All this, has consequences for the Internet; whose future will be characterized by different potential directions: an ever-increasing search for extractable data, and therefore for human functions that can be monitored to provide a service in exchange for information; the need for these companies to position themselves accordingly as guardians of their dominant positions; market convergence, which drives these companies to compete for the same things and a growing presence of closed and centralized ecosystems. Not exactly the Internet we expected in the early days. We are therefore extractable data with a very high economic value. Who controls the salient data on our tastes, trends, desires and needs of each potential customer; controls the customers themselves and the market. It is estimated that, to date, the average annual per capita value of personal data is equal to 616,82 dollars; multiplied by the huge number of users, it is easy to understand the extent of the virtual heritage of web companies. Moreover, the trade in personal data is much more connected to the “real” world than we can imagine: the latest news events have taught us how technology companies are able to influence even politics.

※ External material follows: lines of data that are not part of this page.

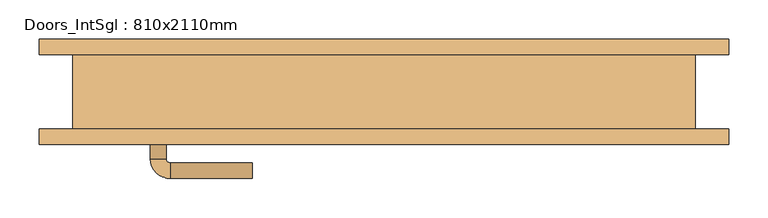
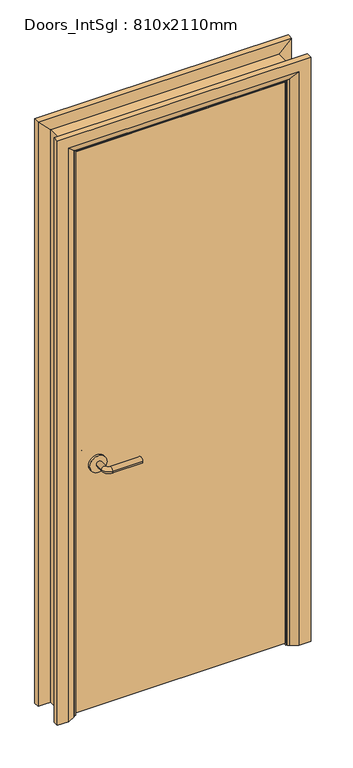
"""IFC4 building model written with IfcOpenShell, lengths in millimetres: door geometry, Doors_IntSgl : 810x2110mm."""

from ifc_helpers import new_model, si_unit, point, frame, frame_2d, origin, place, context, project, spatial, polyline, circle_curve, ellipse_curve, trimmed, segment, composite_curve, outline, extrude, faceted_brep, source, transform, mapped, element, save
from ifc_brep_helpers import plane_surface, cylinder_surface, revolved_surface, advanced_brep


def doors_intsgl_810x2110mm_4fdc4f61(model_context):
    return source(origin(), model_context, "Body", "SolidModel", [
        advanced_brep(
        [(-298.0, -1.5, 900.0), (-278.0, -1.5, 900.0), (-298.0, 28.5, 900.0), (-278.0, 28.5, 900.0), (-273.0, 33.5, 900.0), (-273.0, 53.5, 900.0), (-168.0, 53.5, 900.0), (-168.0, 33.5, 900.0)],
        [
            (0, 1, circle_curve(frame((-288.0, -1.5, 900.0), z_axis=(0.0, -1.0, 0.0), x_axis=(1.0, 0.0, 0.0)), 10.0)),
            (1, 0, circle_curve(frame((-288.0, -1.5, 900.0), z_axis=(0.0, -1.0, 0.0), x_axis=(1.0, 0.0, 0.0)), 10.0)),
            (0, 2),
            (2, 3, circle_curve(frame((-288.0, 28.5, 900.0), z_axis=(0.0, -1.0, 0.0), x_axis=(1.0, 0.0, 0.0)), 10.0)),
            (3, 1),
            (3, 2, circle_curve(frame((-288.0, 28.5, 900.0), z_axis=(0.0, -1.0, 0.0), x_axis=(1.0, 0.0, 0.0)), 10.0)),
            (4, 3, circle_curve(frame((-273.0, 28.5, 900.0), z_axis=(0.0, 0.0, 1.0), x_axis=(-1.0, 0.0, 0.0)), 5.0)),
            (2, 5, circle_curve(frame((-273.0, 28.5, 900.0), z_axis=(0.0, 0.0, -1.0), x_axis=(-1.0, 0.0, 0.0)), 25.0)),
            (5, 4, circle_curve(frame((-273.0, 43.5, 900.0), z_axis=(-1.0, 0.0, 0.0), x_axis=(0.0, -1.0, 0.0)), 10.0)),
            (4, 5, circle_curve(frame((-273.0, 43.5, 900.0), z_axis=(-1.0, 0.0, 0.0), x_axis=(0.0, -1.0, 0.0)), 10.0)),
            (6, 7, circle_curve(frame((-168.0, 43.5, 900.0), z_axis=(1.0, 0.0, 0.0), x_axis=(0.0, -1.0, 0.0)), 10.0)),
            (7, 6, circle_curve(frame((-168.0, 43.5, 900.0), z_axis=(1.0, 0.0, 0.0), x_axis=(0.0, -1.0, 0.0)), 10.0)),
            (5, 6),
            (7, 4),
        ],
        [
            plane_surface(frame((-288.0, -1.5, 900.0), z_axis=(0.0, -1.0, 0.0), x_axis=(0.0, 0.0, 1.0))),
            cylinder_surface(frame((-288.0, -1.5, 900.0), z_axis=(0.0, -1.0, 0.0), x_axis=(1.0, 0.0, 0.0)), 10.0),
            revolved_surface(trimmed(ellipse_curve(frame((-288.0, 28.5, 900.0), z_axis=(0.0, -1.0, 0.0), x_axis=(1.0, 0.0, 0.0)), 10.0, 10.0), [point((-298.0, 28.5, 900.0))], [point((-278.0, 28.5, 900.0))], True, "CARTESIAN"), (-273.0, 28.5, 900.0), (0.0, 0.0, -1.0)),
            revolved_surface(trimmed(ellipse_curve(frame((-288.0, 28.5, 900.0), z_axis=(0.0, -1.0, 0.0), x_axis=(1.0, 0.0, 0.0)), 10.0, 10.0), [point((-278.0, 28.5, 900.0))], [point((-298.0, 28.5, 900.0))], True, "CARTESIAN"), (-273.0, 28.5, 900.0), (0.0, 0.0, -1.0)),
            plane_surface(frame((-168.0, 43.5, 900.0), z_axis=(1.0, 0.0, 0.0), x_axis=(0.0, 0.0, 1.0))),
            cylinder_surface(frame((-273.0, 43.5, 900.0), z_axis=(-1.0, 0.0, 0.0), x_axis=(0.0, -1.0, 0.0)), 10.0),
        ],
        [
            (0, [[1, 2]]),
            (1, [[-1, 3, 4, 5]]),
            (1, [[-2, -5, 6, -3]]),
            (2, [[7, -4, 8, 9]]),
            (3, [[-8, -6, -7, 10]]),
            (4, [[11, 12]]),
            (5, [[-9, 13, -12, 14]]),
            (5, [[-10, -14, -11, -13]]),
        ],
    ),
        extrude(outline(composite_curve([segment(trimmed(circle_curve(frame_2d((900.0, -290.5)), 30.0), [point((900.0, -320.5))], [point((900.0, -260.5))], False, "CARTESIAN"), True, "CONTINUOUS"), segment(trimmed(circle_curve(frame_2d((900.0, -290.5)), 30.0), [point((900.0, -260.5))], [point((900.0, -320.5))], False, "CARTESIAN"), True, "CONTINUOUS")], self_intersect=False)), frame((0.0, -9.5, 0.0), z_axis=(0.0, 1.0, 0.0), x_axis=(0.0, 0.0, 1.0)), (0.0, 0.0, 1.0), 8.0),
        advanced_brep(
        [(-298.0, -55.5, 900.0), (-278.0, -55.5, 900.0), (-278.0, -85.5, 900.0), (-298.0, -85.5, 900.0), (-273.0, -90.5, 900.0), (-273.0, -110.5, 900.0), (-168.0, -110.5, 900.0), (-168.0, -90.5, 900.0)],
        [
            (0, 1, circle_curve(frame((-288.0, -55.5, 900.0), z_axis=(0.0, 1.0, 0.0), x_axis=(1.0, 0.0, 0.0)), 10.0)),
            (1, 0, circle_curve(frame((-288.0, -55.5, 900.0), z_axis=(0.0, 1.0, 0.0), x_axis=(1.0, 0.0, 0.0)), 10.0)),
            (1, 2),
            (2, 3, circle_curve(frame((-288.0, -85.5, 900.0), z_axis=(0.0, 1.0, 0.0), x_axis=(1.0, 0.0, 0.0)), 10.0)),
            (3, 0),
            (3, 2, circle_curve(frame((-288.0, -85.5, 900.0), z_axis=(0.0, 1.0, 0.0), x_axis=(1.0, 0.0, 0.0)), 10.0)),
            (4, 5, circle_curve(frame((-273.0, -100.5, 900.0), z_axis=(-1.0, 0.0, 0.0), x_axis=(0.0, 1.0, 0.0)), 10.0)),
            (5, 3, circle_curve(frame((-273.0, -85.5, 900.0), z_axis=(0.0, 0.0, -1.0), x_axis=(-1.0, 0.0, 0.0)), 25.0)),
            (2, 4, circle_curve(frame((-273.0, -85.5, 900.0), z_axis=(0.0, 0.0, 1.0), x_axis=(-1.0, 0.0, 0.0)), 5.0)),
            (5, 4, circle_curve(frame((-273.0, -100.5, 900.0), z_axis=(-1.0, 0.0, 0.0), x_axis=(0.0, 1.0, 0.0)), 10.0)),
            (6, 7, circle_curve(frame((-168.0, -100.5, 900.0), z_axis=(1.0, 0.0, 0.0), x_axis=(0.0, 1.0, 0.0)), 10.0)),
            (7, 6, circle_curve(frame((-168.0, -100.5, 900.0), z_axis=(1.0, 0.0, 0.0), x_axis=(0.0, 1.0, 0.0)), 10.0)),
            (4, 7),
            (6, 5),
        ],
        [
            plane_surface(frame((-288.0, -55.5, 900.0), z_axis=(0.0, 1.0, 0.0), x_axis=(0.0, 0.0, 1.0))),
            cylinder_surface(frame((-288.0, -55.5, 900.0), z_axis=(0.0, 1.0, 0.0), x_axis=(1.0, 0.0, 0.0)), 10.0),
            revolved_surface(trimmed(ellipse_curve(frame((-288.0, -85.5, 900.0), z_axis=(0.0, -1.0, 0.0), x_axis=(1.0, 0.0, 0.0)), 10.0, 10.0), [point((-298.0, -85.5, 900.0))], [point((-278.0, -85.5, 900.0))], True, "CARTESIAN"), (-273.0, -85.5, 900.0), (0.0, 0.0, -1.0)),
            revolved_surface(trimmed(ellipse_curve(frame((-288.0, -85.5, 900.0), z_axis=(0.0, -1.0, 0.0), x_axis=(1.0, 0.0, 0.0)), 10.0, 10.0), [point((-278.0, -85.5, 900.0))], [point((-298.0, -85.5, 900.0))], True, "CARTESIAN"), (-273.0, -85.5, 900.0), (0.0, 0.0, -1.0)),
            plane_surface(frame((-168.0, -100.5, 900.0), z_axis=(1.0, 0.0, 0.0), x_axis=(0.0, 0.0, 1.0))),
            cylinder_surface(frame((-273.0, -100.5, 900.0), z_axis=(-1.0, 0.0, 0.0), x_axis=(0.0, 1.0, 0.0)), 10.0),
        ],
        [
            (0, [[1, 2]]),
            (1, [[3, 4, 5, -2]]),
            (1, [[-5, 6, -3, -1]]),
            (2, [[7, 8, -4, 9]]),
            (3, [[10, -9, -6, -8]]),
            (4, [[11, 12]]),
            (5, [[13, -11, 14, -7]]),
            (5, [[-14, -12, -13, -10]]),
        ],
    ),
        extrude(outline(composite_curve([segment(trimmed(circle_curve(frame_2d((900.0, -290.5)), 30.0), [point((900.0, -320.5))], [point((900.0, -260.5))], False, "CARTESIAN"), True, "CONTINUOUS"), segment(trimmed(circle_curve(frame_2d((900.0, -290.5)), 30.0), [point((900.0, -260.5))], [point((900.0, -320.5))], False, "CARTESIAN"), True, "CONTINUOUS")], self_intersect=False)), frame((0.0, -55.5, 0.0), z_axis=(0.0, 1.0, 0.0), x_axis=(0.0, 0.0, 1.0)), (0.0, 0.0, 1.0), 8.0),
        extrude(outline(polyline([(363.0, -9.5), (363.0, -47.5), (-363.0, -47.5), (-363.0, -9.5), (363.0, -9.5)])), frame((0.0, 0.0, 8.0), z_axis=(0.0, 0.0, 1.0), x_axis=(1.0, 0.0, 0.0)), (0.0, 0.0, 1.0), 2060.0),
        advanced_brep(
        [(440.0, -67.5, 0.0), (400.0, -67.5, 0.0), (374.0, -53.5, 0.0), (370.0, -47.5, 0.0), (440.0, -47.5, 0.0), (440.0, -47.5, 2145.0), (440.0, -67.5, 2145.0), (370.0, -47.5, 2075.0), (-370.0, -47.5, 2075.0), (-370.0, -47.5, 0.0), (-440.0, -47.5, 0.0), (-440.0, -47.5, 2145.0), (374.0, -53.5, 2079.0), (400.0, -67.5, 2105.0), (-440.0, -67.5, 2145.0), (-440.0, -67.5, 0.0), (-400.0, -67.5, 0.0), (-400.0, -67.5, 2105.0), (-374.0, -53.5, 2079.0), (-374.0, -53.5, 0.0)],
        [
            (0, 1),
            (1, 2),
            (2, 3, circle_curve(frame((378.0, -46.5, 0.0), z_axis=(0.0, 0.0, -1.0), x_axis=(1.0, 0.0, 0.0)), 8.0622577)),
            (3, 4),
            (4, 0),
            (4, 5),
            (5, 6),
            (6, 0),
            (3, 7),
            (7, 8),
            (8, 9),
            (9, 10),
            (10, 11),
            (11, 5),
            (2, 12),
            (12, 7, ellipse_curve(frame((378.0, -46.5, 2083.0), z_axis=(0.7071067811865475, 0.0, -0.7071067811865475), x_axis=(-0.7071067811865474, 0.0, -0.7071067811865476)), 11.4017543, 8.0622577)),
            (1, 13),
            (13, 12),
            (6, 14),
            (14, 15),
            (15, 16),
            (16, 17),
            (17, 13),
            (11, 14),
            (12, 18),
            (18, 8, ellipse_curve(frame((-378.0, -46.5, 2083.0), z_axis=(0.7071067811865475, 0.0, 0.7071067811865475), x_axis=(0.7071067811865476, 0.0, -0.7071067811865474)), 11.4017543, 8.0622577)),
            (17, 18),
            (15, 10),
            (9, 19, circle_curve(frame((-378.0, -46.5, 0.0), z_axis=(0.0, 0.0, -1.0), x_axis=(-1.0, 0.0, 0.0)), 8.0622577)),
            (19, 16),
            (18, 19),
        ],
        [
            plane_surface(frame((370.0, -47.5, 0.0), z_axis=(0.0, 0.0, -1.0), x_axis=(0.0, 1.0, 0.0))),
            plane_surface(frame((440.0, -67.5, 0.0), z_axis=(1.0, 0.0, 0.0), x_axis=(0.0, 0.0, 1.0))),
            plane_surface(frame((440.0, -47.5, 0.0), z_axis=(0.0, 1.0, 0.0), x_axis=(0.0, 0.0, 1.0))),
            cylinder_surface(frame((378.0, -46.5, 0.0), z_axis=(0.0, 0.0, -1.0), x_axis=(1.0, 0.0, 0.0)), 8.0622577),
            plane_surface(frame((374.0, -53.5, 0.0), z_axis=(-0.4740998230350126, -0.880471099922178, 0.0), x_axis=(0.0, 0.0, 1.0))),
            plane_surface(frame((400.0, -67.5, 0.0), z_axis=(0.0, -1.0, 0.0), x_axis=(0.0, 0.0, 1.0))),
            plane_surface(frame((440.0, -67.5, 2145.0), z_axis=(0.0, 0.0, 1.0), x_axis=(-1.0, 0.0, 0.0))),
            cylinder_surface(frame((370.0, -46.5, 2083.0), z_axis=(1.0, 0.0, 0.0), x_axis=(0.0, 0.0, 1.0)), 8.0622577),
            plane_surface(frame((374.0, -53.5, 2079.0), z_axis=(0.0, -0.8804710999221764, -0.4740998230350154), x_axis=(-1.0, 0.0, 0.0))),
            plane_surface(frame((-370.0, -47.5, 0.0), z_axis=(0.0, 0.0, -1.0), x_axis=(0.0, 1.0, 0.0))),
            plane_surface(frame((-440.0, -67.5, 2145.0), z_axis=(-1.0, 0.0, 0.0), x_axis=(0.0, 0.0, -1.0))),
            cylinder_surface(frame((-378.0, -46.5, 2075.0), z_axis=(0.0, 0.0, 1.0), x_axis=(-1.0, 0.0, 0.0)), 8.0622577),
            plane_surface(frame((-374.0, -53.5, 2079.0), z_axis=(0.47409982303501824, -0.8804710999221749, 0.0), x_axis=(0.0, 0.0, -1.0))),
        ],
        [
            (0, [[1, 2, 3, 4, 5]]),
            (1, [[6, 7, 8, -5]]),
            (2, [[9, 10, 11, 12, 13, 14, -6, -4]]),
            (3, [[15, 16, -9, -3]]),
            (4, [[17, 18, -15, -2]]),
            (5, [[-8, 19, 20, 21, 22, 23, -17, -1]]),
            (6, [[-14, 24, -19, -7]]),
            (7, [[25, 26, -10, -16]]),
            (8, [[-23, 27, -25, -18]]),
            (9, [[28, -12, 29, 30, -21]]),
            (10, [[-13, -28, -20, -24]]),
            (11, [[31, -29, -11, -26]]),
            (12, [[-22, -30, -31, -27]]),
        ],
    ),
        extrude(outline(polyline([(0.0, -346.0), (2051.0, -346.0), (2051.0, 346.0), (0.0, 346.0), (0.0, 365.0), (2070.0, 365.0), (2070.0, -365.0), (0.0, -365.0), (0.0, -346.0)])), frame((0.0, -7.5, 0.0), z_axis=(0.0, 1.0, 0.0), x_axis=(0.0, 0.0, 1.0)), (0.0, 0.0, 1.0), 32.0),
        advanced_brep(
        [(-440.0, 67.5, 0.0), (-400.0, 67.5, 0.0), (-374.0, 53.5, 0.0), (-370.0, 47.5, 0.0), (-440.0, 47.5, 0.0), (-440.0, 47.5, 2145.0), (-440.0, 67.5, 2145.0), (-370.0, 47.5, 2075.0), (-374.0, 53.5, 2079.0), (-400.0, 67.5, 2105.0), (440.0, 47.5, 2145.0), (440.0, 67.5, 2145.0), (370.0, 47.5, 2075.0), (374.0, 53.5, 2079.0), (400.0, 67.5, 2105.0), (440.0, 67.5, 0.0), (440.0, 47.5, 0.0), (370.0, 47.5, 0.0), (374.0, 53.5, 0.0), (400.0, 67.5, 0.0)],
        [
            (0, 1),
            (1, 2),
            (2, 3, circle_curve(frame((-378.0, 46.5, 0.0), z_axis=(0.0, 0.0, -1.0), x_axis=(-1.0, 0.0, 0.0)), 8.0622577)),
            (3, 4),
            (4, 0),
            (4, 5),
            (5, 6),
            (6, 0),
            (3, 7),
            (7, 5),
            (2, 8),
            (8, 7, ellipse_curve(frame((-378.0, 46.5, 2083.0), z_axis=(-0.7071067811865475, 0.0, -0.7071067811865475), x_axis=(0.7071067811865474, 0.0, -0.7071067811865476)), 11.4017543, 8.0622577)),
            (1, 9),
            (9, 8),
            (6, 9),
            (5, 10),
            (10, 11),
            (11, 6),
            (7, 12),
            (12, 10),
            (8, 13),
            (13, 12, ellipse_curve(frame((378.0, 46.5, 2083.0), z_axis=(-0.7071067811865475, 0.0, 0.7071067811865475), x_axis=(-0.7071067811865476, 0.0, -0.7071067811865474)), 11.4017543, 8.0622577)),
            (9, 14),
            (14, 13),
            (11, 14),
            (15, 16),
            (16, 17),
            (17, 18, circle_curve(frame((378.0, 46.5, 0.0), z_axis=(0.0, 0.0, -1.0), x_axis=(1.0, 0.0, 0.0)), 8.0622577)),
            (18, 19),
            (19, 15),
            (10, 16),
            (15, 11),
            (12, 17),
            (13, 18),
            (14, 19),
        ],
        [
            plane_surface(frame((-370.0, 120.3010989, 0.0), z_axis=(0.0, 0.0, -1.0), x_axis=(1.0, 0.0, 0.0))),
            plane_surface(frame((-440.0, 67.5, 0.0), z_axis=(-1.0, 0.0, 0.0), x_axis=(0.0, 0.0, 1.0))),
            plane_surface(frame((-440.0, 47.5, 0.0), z_axis=(0.0, -1.0, 0.0), x_axis=(0.0, 0.0, 1.0))),
            cylinder_surface(frame((-378.0, 46.5, 0.0), z_axis=(0.0, 0.0, -1.0), x_axis=(-1.0, 0.0, 0.0)), 8.0622577),
            plane_surface(frame((-374.0, 53.5, 0.0), z_axis=(0.4740998230350183, 0.8804710999221749, 0.0), x_axis=(0.0, 0.0, 1.0))),
            plane_surface(frame((-400.0, 67.5, 0.0), z_axis=(0.0, 1.0, 0.0), x_axis=(0.0, 0.0, 1.0))),
            plane_surface(frame((-440.0, 67.5, 2145.0), z_axis=(0.0, 0.0, 1.0), x_axis=(1.0, 0.0, 0.0))),
            plane_surface(frame((-440.0, 47.5, 2145.0), z_axis=(0.0, -1.0, 0.0), x_axis=(1.0, 0.0, 0.0))),
            cylinder_surface(frame((-370.0, 46.5, 2083.0), z_axis=(-1.0, 0.0, 0.0), x_axis=(0.0, 0.0, 1.0)), 8.0622577),
            plane_surface(frame((-374.0, 53.5, 2079.0), z_axis=(0.0, 0.8804710999221749, -0.4740998230350183), x_axis=(1.0, 0.0, 0.0))),
            plane_surface(frame((-400.0, 67.5, 2105.0), z_axis=(0.0, 1.0, 0.0), x_axis=(1.0, 0.0, 0.0))),
            plane_surface(frame((370.0, 120.3010989, 0.0), z_axis=(0.0, 0.0, -1.0), x_axis=(-1.0, 0.0, 0.0))),
            plane_surface(frame((440.0, 67.5, 2145.0), z_axis=(1.0, 0.0, 0.0), x_axis=(0.0, 0.0, -1.0))),
            plane_surface(frame((440.0, 47.5, 2145.0), z_axis=(0.0, -1.0, 0.0), x_axis=(0.0, 0.0, -1.0))),
            cylinder_surface(frame((378.0, 46.5, 2075.0), z_axis=(0.0, 0.0, 1.0), x_axis=(1.0, 0.0, 0.0)), 8.0622577),
            plane_surface(frame((374.0, 53.5, 2079.0), z_axis=(-0.4740998230350183, 0.8804710999221749, 0.0), x_axis=(0.0, 0.0, -1.0))),
            plane_surface(frame((400.0, 67.5, 2105.0), z_axis=(0.0, 1.0, 0.0), x_axis=(0.0, 0.0, -1.0))),
        ],
        [
            (0, [[1, 2, 3, 4, 5]]),
            (1, [[6, 7, 8, -5]]),
            (2, [[9, 10, -6, -4]]),
            (3, [[11, 12, -9, -3]]),
            (4, [[13, 14, -11, -2]]),
            (5, [[-8, 15, -13, -1]]),
            (6, [[16, 17, 18, -7]]),
            (7, [[19, 20, -16, -10]]),
            (8, [[21, 22, -19, -12]]),
            (9, [[23, 24, -21, -14]]),
            (10, [[-18, 25, -23, -15]]),
            (11, [[26, 27, 28, 29, 30]]),
            (12, [[31, -26, 32, -17]]),
            (13, [[33, -27, -31, -20]]),
            (14, [[34, -28, -33, -22]]),
            (15, [[35, -29, -34, -24]]),
            (16, [[-32, -30, -35, -25]]),
        ],
    ),
        faceted_brep([(-365.0, -47.5, 0.0), (-397.0, -47.5, 0.0), (-397.0, 47.5, 0.0), (-365.0, 47.5, 0.0), (-365.0, 47.5, 2070.0), (-365.0, -47.5, 2070.0), (-397.0, 47.5, 2102.0), (-397.0, -47.5, 2102.0), (365.0, 47.5, 2070.0), (365.0, -47.5, 2070.0), (397.0, 47.5, 2102.0), (397.0, -47.5, 2102.0), (365.0, -47.5, 0.0), (365.0, 47.5, 0.0), (397.0, 47.5, 0.0), (397.0, -47.5, 0.0)], [[[0, 1, 2, 3]], [[3, 4, 5, 0]], [[2, 6, 4, 3]], [[1, 7, 6, 2]], [[0, 5, 7, 1]], [[4, 8, 9, 5]], [[6, 10, 8, 4]], [[7, 11, 10, 6]], [[5, 9, 11, 7]], [[12, 13, 14, 15]], [[8, 13, 12, 9]], [[10, 14, 13, 8]], [[11, 15, 14, 10]], [[9, 12, 15, 11]]]),
    ])


if __name__ == "__main__":
    model = new_model("IFC4")
    model_context = context("Model", 3, world=origin())
    ifc_project = project(units=[si_unit("LENGTHUNIT", "METRE", prefix="MILLI")], contexts=[model_context])
    site = spatial("IfcSite", under=ifc_project)
    building = spatial("IfcBuilding", under=site)
    placement = place(None, origin())
    doors_intsgl_810x2110mm_shape = doors_intsgl_810x2110mm_4fdc4f61(model_context)
    element("IfcDoor", 1, ObjectType="Doors_IntSgl : 810x2110mm", at=placement, inside=building, context=model_context, shape_type="MappedRepresentation", body=[
        mapped(doors_intsgl_810x2110mm_shape, transform((0.0, 0.0, 0.0), x_axis=(1.0, 0.0, 0.0), y_axis=(0.0, 1.0, 0.0), z_axis=(0.0, 0.0, 1.0))),
    ])
    save(model, "model.ifc")

# Revit data of these elements
# Type "Doors_IntSgl : 810x2110mm"
#   Construction Type Id = "MDOOR"
#   Type Mark = "42"
#   Type Comments = "Internal Single"
#   Operation = "SingleSwingRight"
#   Manufacturer = "Revit"
#   Keynote = "L20"
#   Description = "Internal Single Door"
#   Analytic Construction = "Metal"
#   UnderCut = 8 mm
#   Tolerance = 2 mm
#   Thickness = 38 mm
#   Thermal Resistance (R) = 0.270117 (m²·K)/W
#   Structural Tolerance = 8 mm
#   StopDepth = 32 mm
#   Stop Thickness = 19 mm
#   Rough Width = 810 mm
#   Rough Height = 2110 mm
#   Height to Top Lock Rail = 1000 mm
#   Heat Transfer Coefficient (U) = 3.7021 W/(m²·K)
#   Handle Z Distance = 900 mm
#   Handle X Distance = 75 mm
#   Frame Thickness = 32 mm
#   Door Panel Width = 726 mm
#   Door Panel Thickness = 38 mm
#   Door Panel Offset = 0 mm
#   Height = 2110 mm
#   Width = 810 mm
#   Door Panel Height = 2060 mm
#   Architrave Setback = 5 mm
#   Vis - Ironmongery = yes
#   Material Ironmongery = Door - Handle
#   Material Frame = Door - Frame/Mullion (1)
#   Material Door = Door - Panel
#   Material Architrave = Door - Architrave
#   Visual Light Transmittance = 0
#   Solar Heat Gain Coefficient = 0
#   Function = (empty or 0)
#   Wall Closure = (empty or 0)
# Element 1 (IfcDoor, "Doors_IntSgl : 810x2110mm")
#   Materials on its faces: "Door - Architrave", "Door - Handle", "Door - Frame/Mullion (1)", "Door - Panel"
# Materials
#   "Door - Handle": class "Miscellaneous", colour RGB 0 0 0, transparency 0, Keynote = "P21"
#   "Door - Frame/Mullion (1)": class "Wood", colour RGB 212 179 113, transparency 0, Keynote = "L20", Cost = 0
#   "Door - Panel": class "Wood", colour RGB 210 159 95, transparency 0, Keynote = "L20"
#   "Door - Architrave": class "Wood", colour RGB 154 90 5, transparency 0, Keynote = "P20"

All this foresees and requires a direct, total and immediate control of the users and a progressive “cataloging” which makes it easier for large companies to know and manage tastes, needs, world view and interpersonal relationships. Very important, in this sense, is the book The Filter Bubble (Pariser, 2011). It helps to focus attention on the main web services, from the Google search engine to the notifications of Facebook friends and points out to the reader how these have the tendency to offer man a tailor-made vision of the world, customized according to their navigation areas and interests and often deducted automatically from the system. While this represents an advantage, on the other hand it is a risk. The risk, of which the text speaks, is that the man ends up closing himself in a bubble. A bubble that has the effect of isolating man from society, making him lose the perception of the community as a whole, directing it towards the construction of ideal personal relationships rather than real ones. The company, only apparently informed, is slowly closing inside a bubble driven by algorithms that hardly allow access to chaos, risk, uncertainty, adventure and disorder, elements that allow man to grow and evolve. We are fragile and not very resilient to shocks and, ultimately, more controllable and classifiable.